Here’s a code snippet that loads a score with three parts and 126 measures and many TimeSignatures and calculates the TimeSignature active for every note, clef, etc. and then prints the time it takes to run:

>>> c = corpus.parse('luca/gloria')
>>> def allContext(c):
...     for n in c.recurse():
...         k = n.getContextByClass('TimeSignature')
... 
>>> from time import time as t
>>> x = t(); allContext(c); print t() - x

with the 1.8 release of Music21:
42.9 seconds

with the newest version in GitHub:
0.70 seconds

There’s a lot of caching that happens along the way, so the second call is much faster:

second call with 1.8 release:
44.6 seconds ( = same within a margin of error)
with the newest version in GitHub if the score hasn’t changed:
0.18 seconds

You’ll see the speedup immensely in places where every combination of notes, etc. needs to be found.  For instance, finding all parallel fifths in a large score of 8 parts could have taken hours before. Now you’ll likely get results in under a few seconds.

I have not heard of any issues arising from the change in sorting from the last posting on April 26, so people who were afraid of updating can breath a bit more easily and update to the version of music21 at least as of yesterday. The newer version, like all GitHub commits, should be used with caution until we make a release.

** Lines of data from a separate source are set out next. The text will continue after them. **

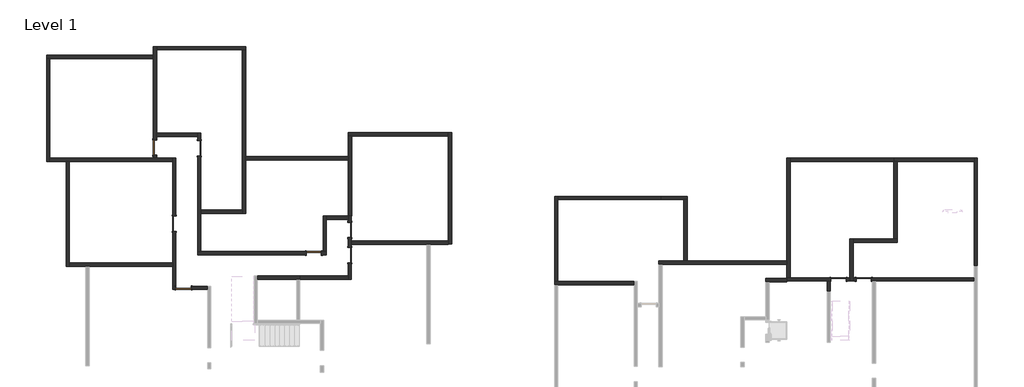
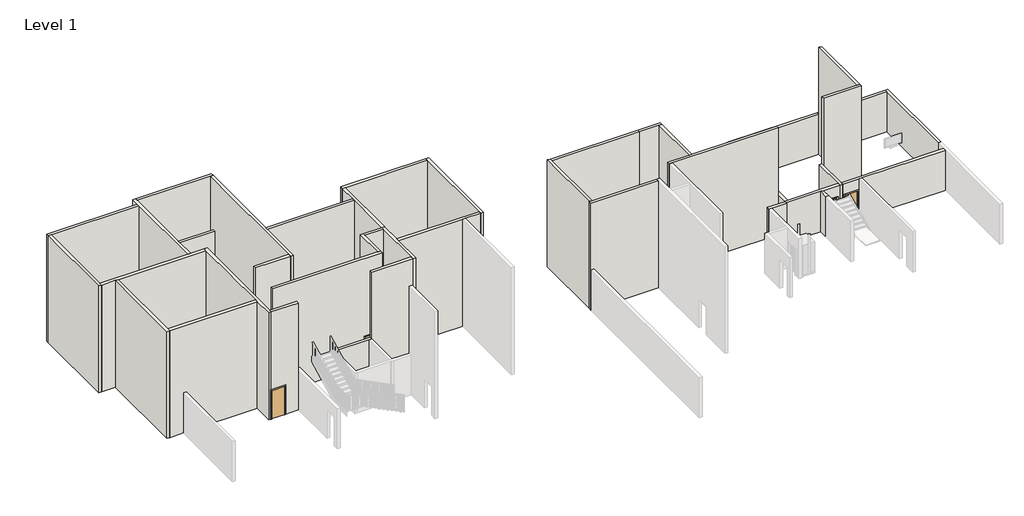
# One storey, part 2 of 3: 41 walls, 9 doors.
"""IFC4 building model written with IfcOpenShell, lengths in millimetres."""

import ifcopenshell
import ifcopenshell.guid

model = None  # the IFC model being written
_history = None  # IfcOwnerHistory: only IFC2X3 demands one
_inside = {}  # id of a spatial element -> (the spatial element, [elements in it])
_under = {}  # id of a project, library or spatial element -> (it, [spatial elements below it])
_declared = {}  # id of a project -> (the project, [libraries it declares])
_typed = {}  # id of a type object -> (the type object, [elements of that type])
_made_of = {}  # id of a material, layer set ... -> (it, [elements and type objects made of it])


def new_model(schema):
    """Start an empty IFC model of exactly this schema.

    Asked for "IFC4X3", IfcOpenShell would pick the latest addendum, in which some entities
    have other attributes; the version numbers below select the first issue.
    IFC2X3 requires an IfcOwnerHistory on every rooted entity: one is made here for all.
    """
    global model, _history
    if schema == "IFC4X3":
        model = ifcopenshell.file(schema_version=(4, 3, 0, 0))
    else:
        model = ifcopenshell.file(schema=schema)
    _inside.clear()
    _under.clear()
    _declared.clear()
    _typed.clear()
    _made_of.clear()
    _history = None
    if model.schema == "IFC2X3":
        org = make("IfcOrganization", Name="unknown")
        user = make(
            "IfcPersonAndOrganization",
            ThePerson=make("IfcPerson", FamilyName="unknown"),
            TheOrganization=org,
        )
        app = make(
            "IfcApplication",
            ApplicationDeveloper=org,
            Version="unknown",
            ApplicationFullName="unknown",
            ApplicationIdentifier="unknown",
        )
        _history = make(
            "IfcOwnerHistory",
            OwningUser=user,
            OwningApplication=app,
            ChangeAction="ADDED",
            CreationDate=0,
        )
    return model


def make(cls, **values):
    """One entity of the class cls with the attributes given. An attribute that is None is left unset."""
    return model.create_entity(
        cls, **{name: value for name, value in values.items() if value is not None}
    )


def rooted(cls, **values):
    """An entity with a GlobalId (a new one), such as an element, a storey or a relation."""
    return make(cls, GlobalId=ifcopenshell.guid.new(), OwnerHistory=_history, **values)


def si_unit(unit_type, name, prefix=None):
    """IfcSIUnit, for example si_unit("LENGTHUNIT", "METRE", prefix="MILLI")."""
    return make("IfcSIUnit", UnitType=unit_type, Prefix=prefix, Name=name)


def assignment(units):
    """IfcUnitAssignment: the units of a project."""
    return None if units is None else make("IfcUnitAssignment", Units=units)


def point(xyz):
    """IfcCartesianPoint."""
    return None if xyz is None else make("IfcCartesianPoint", Coordinates=xyz)


def direction(xyz):
    """IfcDirection."""
    return None if xyz is None else make("IfcDirection", DirectionRatios=xyz)


def frame(location, z_axis=None, x_axis=None):
    """IfcAxis2Placement3D, a coordinate frame: its origin and axes. An axis left out is left unset."""
    return make(
        "IfcAxis2Placement3D",
        Location=point(location),
        Axis=direction(z_axis),
        RefDirection=direction(x_axis),
    )


def origin():
    """The frame at (0, 0, 0) with its axes left unset."""
    return frame((0.0, 0.0, 0.0))


def origin_with_axes():
    """The frame at (0, 0, 0) with the z axis (0, 0, 1) and the x axis (1, 0, 0) written out."""
    return frame((0.0, 0.0, 0.0), z_axis=(0.0, 0.0, 1.0), x_axis=(1.0, 0.0, 0.0))


def place(relative_to, where):
    """IfcLocalPlacement: puts the frame where relative to a parent placement (None: the world)."""
    return make(
        "IfcLocalPlacement", PlacementRelTo=relative_to, RelativePlacement=where
    )


def context(
    kind, dimensions, precision=None, world=None, true_north=None, identifier=None
):
    """IfcGeometricRepresentationContext, for example the 3D "Model" context."""
    return make(
        "IfcGeometricRepresentationContext",
        ContextIdentifier=identifier,
        ContextType=kind,
        CoordinateSpaceDimension=dimensions,
        Precision=precision,
        WorldCoordinateSystem=world,
        TrueNorth=true_north,
    )


def project(units=None, contexts=None):
    """IfcProject with its units and contexts."""
    return rooted(
        "IfcProject",
        Name="project",
        RepresentationContexts=contexts,
        UnitsInContext=assignment(units),
    )


def spatial(cls, under=None, at=None, **own):
    """A site, building, storey or space (cls), placed at a placement, below another one or the project."""
    s = rooted(cls, ObjectPlacement=at, **own)
    if under is not None:
        _under.setdefault(under.id(), (under, []))[1].append(s)
    return s


def polyline(points):
    """IfcPolyline through the points."""
    return make("IfcPolyline", Points=[point(p) for p in points])


def outline(outer, holes=None, kind="AREA"):
    """IfcArbitraryClosedProfileDef: a profile drawn as a closed curve; with holes, ...WithVoids."""
    if holes is None:
        return make("IfcArbitraryClosedProfileDef", ProfileType=kind, OuterCurve=outer)
    return make(
        "IfcArbitraryProfileDefWithVoids",
        ProfileType=kind,
        OuterCurve=outer,
        InnerCurves=holes,
    )


def extrude(swept, where, along, depth):
    """IfcExtrudedAreaSolid: the profile swept, set in the frame where, extruded along a direction by depth."""
    return make(
        "IfcExtrudedAreaSolid",
        SweptArea=swept,
        Position=where,
        ExtrudedDirection=direction(along),
        Depth=depth,
    )


def faces_of(points, faces, orient=None, outer=None):
    """IfcFace entities. A face is a list of loops; a loop is a list of indices into points, from 0.

    orient and outer hold one flag for each loop. By default every Orientation is true, the
    first loop of a face is its IfcFaceOuterBound and the others are IfcFaceBound.
    """
    made = []
    for i, loops in enumerate(faces):
        bounds = []
        for j, loop in enumerate(loops):
            is_outer = j == 0 if outer is None else outer[i][j]
            bounds.append(
                make(
                    "IfcFaceOuterBound" if is_outer else "IfcFaceBound",
                    Bound=make("IfcPolyLoop", Polygon=[points[k] for k in loop]),
                    Orientation=True if orient is None else orient[i][j],
                )
            )
        made.append(make("IfcFace", Bounds=bounds))
    return made


def faceted_brep(points, faces, orient=None, outer=None, voids=None):
    """IfcFacetedBrep: a solid bounded by flat faces; with voids (closed shells), ...WithVoids."""
    shared = [point(p) for p in points]
    hull = make("IfcClosedShell", CfsFaces=faces_of(shared, faces, orient, outer))
    if voids is None:
        return make("IfcFacetedBrep", Outer=hull)
    return make(
        "IfcFacetedBrepWithVoids",
        Outer=hull,
        Voids=[
            make(cls, CfsFaces=faces_of(shared, fs, o, b)) for cls, fs, o, b in voids
        ],
    )


def shape(context_of_items, identifier, shape_type, items):
    """IfcShapeRepresentation: the items that make up one representation, for example the "Body"."""
    return make(
        "IfcShapeRepresentation",
        ContextOfItems=context_of_items,
        RepresentationIdentifier=identifier,
        RepresentationType=shape_type,
        Items=items,
    )


def source(mapping_origin, context_of_items, identifier, shape_type, items):
    """IfcRepresentationMap: a shape defined once, which mapped items show again and again."""
    return make(
        "IfcRepresentationMap",
        MappingOrigin=mapping_origin,
        MappedRepresentation=shape(context_of_items, identifier, shape_type, items),
    )


def transform(
    local_origin,
    x_axis=None,
    y_axis=None,
    z_axis=None,
    scale=None,
    scale2=None,
    scale3=None,
    uniform=True,
):
    """IfcCartesianTransformationOperator3D, or its non-uniform kind. x_axis, y_axis, z_axis: its Axis1, 2, 3."""
    if uniform:
        return make(
            "IfcCartesianTransformationOperator3D",
            Axis1=direction(x_axis),
            Axis2=direction(y_axis),
            LocalOrigin=point(local_origin),
            Scale=scale,
            Axis3=direction(z_axis),
        )
    return make(
        "IfcCartesianTransformationOperator3DnonUniform",
        Axis1=direction(x_axis),
        Axis2=direction(y_axis),
        LocalOrigin=point(local_origin),
        Scale=scale,
        Axis3=direction(z_axis),
        Scale2=scale2,
        Scale3=scale3,
    )


def mapped(mapping_source, mapping_target):
    """IfcMappedItem: shows the shape of a source again, moved by a transform."""
    return make(
        "IfcMappedItem", MappingSource=mapping_source, MappingTarget=mapping_target
    )


def made_of(thing, what):
    """Note that an element or type object is made of a material, layer set ...; save() writes the relation."""
    if what is not None:
        _made_of.setdefault(what.id(), (what, []))[1].append(thing)
    return thing


def element(
    cls,
    number,
    at=None,
    inside=None,
    cuts=None,
    type_object=None,
    material=None,
    context=None,
    identifier="Body",
    shape_type=None,
    held_by="IfcProductDefinitionShape",
    body=None,
    shapes=None,
    **own,
):
    """One element of the class cls, such as IfcWall. Its Tag is "e" and its number.

    at: its placement. inside: the storey or other place that contains it. cuts: it is an
    opening in that element (IfcRelVoidsElement). A single representation is given by context,
    identifier, shape_type and body (its items); several are given by shapes. held_by: the class
    of the entity that holds the representations. save() writes the other relations.
    """
    e = rooted(cls, Tag="e%d" % number, ObjectPlacement=at, **own)
    if body is not None:
        shapes = [shape(context, identifier, shape_type, body)]
    if shapes is not None:
        e.Representation = make(held_by, Representations=shapes)
    if inside is not None:
        _inside.setdefault(inside.id(), (inside, []))[1].append(e)
    if cuts is not None:
        rooted(
            "IfcRelVoidsElement", RelatingBuildingElement=cuts, RelatedOpeningElement=e
        )
    if type_object is not None:
        _typed.setdefault(type_object.id(), (type_object, []))[1].append(e)
    return made_of(e, material)


def aggregate(whole, parts):
    """IfcRelAggregates: a whole, such as a stair, and the parts it consists of."""
    return rooted("IfcRelAggregates", RelatingObject=whole, RelatedObjects=parts)


def save(model, path):
    """Write the relations noted so far, then the file.

    IfcRelAggregates (storeys below a building ...), IfcRelContainedInSpatialStructure (elements
    in a storey), IfcRelDefinesByType, IfcRelAssociatesMaterial and IfcRelDeclares: one each for
    every whole, place, type object, material and project.
    """
    for whole, parts in _under.values():
        aggregate(whole, parts)
    for where, things in _inside.values():
        rooted(
            "IfcRelContainedInSpatialStructure",
            RelatedElements=things,
            RelatingStructure=where,
        )
    for kind, things in _typed.values():
        rooted("IfcRelDefinesByType", RelatedObjects=things, RelatingType=kind)
    for what, things in _made_of.values():
        rooted("IfcRelAssociatesMaterial", RelatedObjects=things, RelatingMaterial=what)
    for by, libraries in _declared.values():
        rooted("IfcRelDeclares", RelatingContext=by, RelatedDefinitions=libraries)
    model.write(path)


def m_single_flush_0915_x_2134mm_727434cd(model_context):
    return source(origin(), model_context, "Body", "SweptSolid", [
        extrude(outline(polyline([(2210.0, -533.5), (0.0, -533.5), (0.0, -457.5), (2134.0, -457.5), (2134.0, 457.5), (0.0, 457.5), (0.0, 533.5), (2210.0, 533.5), (2210.0, -533.5)])), frame((0.0, -125.0, 0.0), z_axis=(0.0, 1.0, 0.0), x_axis=(0.0, 0.0, 1.0)), (0.0, 0.0, 1.0), 25.0),
        extrude(outline(polyline([(2210.0, 533.5), (2210.0, -533.5), (0.0, -533.5), (0.0, -457.5), (2134.0, -457.5), (2134.0, 457.5), (0.0, 457.5), (0.0, 533.5), (2210.0, 533.5)])), frame((0.0, 100.0, 0.0), z_axis=(0.0, 1.0, 0.0), x_axis=(0.0, 0.0, 1.0)), (0.0, 0.0, 1.0), 25.0),
        extrude(outline(polyline([(457.5, -49.0), (457.5, -100.0), (-457.5, -100.0), (-457.5, -49.0), (457.5, -49.0)])), origin_with_axes(), (0.0, 0.0, 1.0), 2134.0),
    ])


def m_single_flush_0915_x_2134mm_6a9e8738(model_context):
    return source(origin(), model_context, "Body", "SweptSolid", [
        extrude(outline(polyline([(2210.0, -533.5), (0.0, -533.5), (0.0, -457.5), (2134.0, -457.5), (2134.0, 457.5), (0.0, 457.5), (0.0, 533.5), (2210.0, 533.5), (2210.0, -533.5)])), frame((0.0, 100.0, 0.0), z_axis=(0.0, 1.0, 0.0), x_axis=(0.0, 0.0, 1.0)), (0.0, 0.0, 1.0), 25.0),
        extrude(outline(polyline([(2210.0, 533.5), (2210.0, -533.5), (0.0, -533.5), (0.0, -457.5), (2134.0, -457.5), (2134.0, 457.5), (0.0, 457.5), (0.0, 533.5), (2210.0, 533.5)])), frame((0.0, -125.0, 0.0), z_axis=(0.0, 1.0, 0.0), x_axis=(0.0, 0.0, 1.0)), (0.0, 0.0, 1.0), 25.0),
        extrude(outline(polyline([(457.5, 49.0), (-457.5, 49.0), (-457.5, 100.0), (457.5, 100.0), (457.5, 49.0)])), origin_with_axes(), (0.0, 0.0, 1.0), 2134.0),
    ])


model = new_model("IFC4")

# Units and contexts
model_context = context("Model", 3, world=origin())
ifc_project = project(units=[si_unit("LENGTHUNIT", "METRE", prefix="MILLI")], contexts=[model_context])

# Site, building, storey
site = spatial("IfcSite", under=ifc_project)
building = spatial("IfcBuilding", under=site)
storey = spatial("IfcBuildingStorey", under=building, Name="Level 1", Elevation=0.0)

# Doors
placement = place(None, origin())
m_single_flush_0915_x_2134mm_shape = m_single_flush_0915_x_2134mm_727434cd(model_context)
element("IfcDoor", 1, ObjectType="M_Single-Flush : 0915 x 2134mm", at=placement, inside=storey, context=model_context, shape_type="MappedRepresentation", body=[
    mapped(m_single_flush_0915_x_2134mm_shape, transform((23427.336337, 519.475628, 0.0), x_axis=(-1.0, 0.0, 0.0), y_axis=(0.0, -1.0, 0.0), z_axis=(0.0, 0.0, 1.0))),
])
element("IfcDoor", 2, ObjectType="M_Single-Flush : 0915 x 2134mm", at=placement, inside=storey, context=model_context, shape_type="MappedRepresentation", body=[
    mapped(m_single_flush_0915_x_2134mm_shape, transform((-7470.3551195, 1978.3372871, 0.0), x_axis=(0.0, 1.0, 0.0), y_axis=(-1.0, 0.0, 0.0), z_axis=(0.0, 0.0, 1.0))),
])
element("IfcDoor", 3, ObjectType="M_Single-Flush : 0915 x 2134mm", at=placement, inside=storey, context=model_context, shape_type="MappedRepresentation", body=[
    mapped(m_single_flush_0915_x_2134mm_shape, transform((-19189.8304233, 8462.8400285, 0.0), x_axis=(0.0, -1.0, 0.0), y_axis=(1.0, 0.0, 0.0), z_axis=(0.0, 0.0, 1.0))),
])
m_single_flush_0915_x_2134mm_2_shape = m_single_flush_0915_x_2134mm_6a9e8738(model_context)
element("IfcDoor", 4, ObjectType="M_Single-Flush : 0915 x 2134mm", at=placement, inside=storey, context=model_context, shape_type="MappedRepresentation", body=[
    mapped(m_single_flush_0915_x_2134mm_2_shape, transform((21912.336337, 519.475628, 0.0), x_axis=(1.0, 0.0, 0.0), y_axis=(0.0, 1.0, 0.0), z_axis=(0.0, 0.0, 1.0))),
])
element("IfcDoor", 5, ObjectType="M_Single-Flush : 0915 x 2134mm", at=placement, inside=storey, context=model_context, shape_type="MappedRepresentation", body=[
    mapped(m_single_flush_0915_x_2134mm_2_shape, transform((-17466.4741722, 12.8400285, 0.0), x_axis=(-1.0, 0.0, 0.0), y_axis=(0.0, -1.0, 0.0), z_axis=(0.0, 0.0, 1.0))),
])
element("IfcDoor", 6, ObjectType="M_Single-Flush : 0915 x 2134mm", at=placement, inside=storey, context=model_context, shape_type="MappedRepresentation", body=[
    mapped(m_single_flush_0915_x_2134mm_2_shape, transform((-18023.9741722, 3870.3400285, 0.0), x_axis=(0.0, 1.0, 0.0), y_axis=(-1.0, 0.0, 0.0), z_axis=(0.0, 0.0, 1.0))),
])
element("IfcDoor", 7, ObjectType="M_Single-Flush : 0915 x 2134mm", at=placement, inside=storey, context=model_context, shape_type="MappedRepresentation", body=[
    mapped(m_single_flush_0915_x_2134mm_2_shape, transform((-9627.8551195, 2100.8372871, 0.0), x_axis=(1.0, 0.0, 0.0), y_axis=(0.0, 1.0, 0.0), z_axis=(0.0, 0.0, 1.0))),
])
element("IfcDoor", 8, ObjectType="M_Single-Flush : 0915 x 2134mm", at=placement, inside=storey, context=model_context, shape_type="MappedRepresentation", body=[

Thanks to the NEH and the Digging into Data Challenge for supporting the creation of tools for working with much bigger scores than before.

In other news: 

Music21j — a Javascript implementation of music21’s core features — is running rapidly towards a public release.  See http://prolatio.blogspot.com/2014/05/web-pages-with-musical-examples.html for an example of usage.  We’ll be integrating it with the Python version over the summer.

Ian Quinn’s review of Music21 appeared in the Journal of the American Musicological society yesterday.  Prior to this issue, no non-book had ever been reviewed. It’s a great feeling to have people not on this list know about the software as well.

Oh, and MIT was foolhardy enough to give me tenure! Largely on the basis of music21.  If you’re an academic working on a large digital project, I still advice proceeding with caution, but know that it can be done.  Thanks everyone for support.

Sunday, February 16, 2014

Plotting pitches and durations continuously in music21

With music21, it's not hard to plot discrete data (pitches, durations, etc.) as continuous data. There isn't a built in tool for doing this, but since music21 is written in Python, it is easy to take advantage of the tools from matplotlib, numpy, and scipy to create "cubic bezier-curve splines" that show these points in an easily visualized format.

In music21 you can easily plot the position of notes as a piano roll:

from music21 import corpus

bach = corpus.parse('bwv66.6')

bach.plot('pianoroll')



which preserves pitch names, measure numbers, etc.  But the case we're asking for requires a plot more like this:




















The numbers at the left are midi numbers while the bottom is number of quarter notes from the beginning. Here's some code to help you achieve this:

import numpy as np
import matplotlib.pyplot as plt
from scipy import interpolate
from music21 import corpus

bach = corpus.parse('bwv66.6')

fig = plt.figure()

for i in range(len(bach.parts)):
    top = bach.parts[i].flat.notes
    y = [n.ps for n in top]
    x = [n.offset + n.quarterLength/2.0 for n in top]

    tck = interpolate.splrep(x,y,s=0)
    xnew = np.arange(0,max(x),0.01)
    ynew = interpolate.splev(xnew,tck,der=0)
    
    subplot = fig.add_subplot(111) # semi-arbitrary three-digit number
    subplot.plot(xnew,ynew)
plt.title('Bach motion')

plt.show()

With this sort of graph it's easy to isolate each voice (not much overlap of voices in this chorale) and to see the preponderance of similar motion among the Soprano, Alto, and Tenor, but lack of coordination with the Bass (which would create forbidden parallels if it coordinated).  More sophisticated examples with better labels are easily created by those with knowledge of matplotlib, but this simple demonstration will suffice to get things started.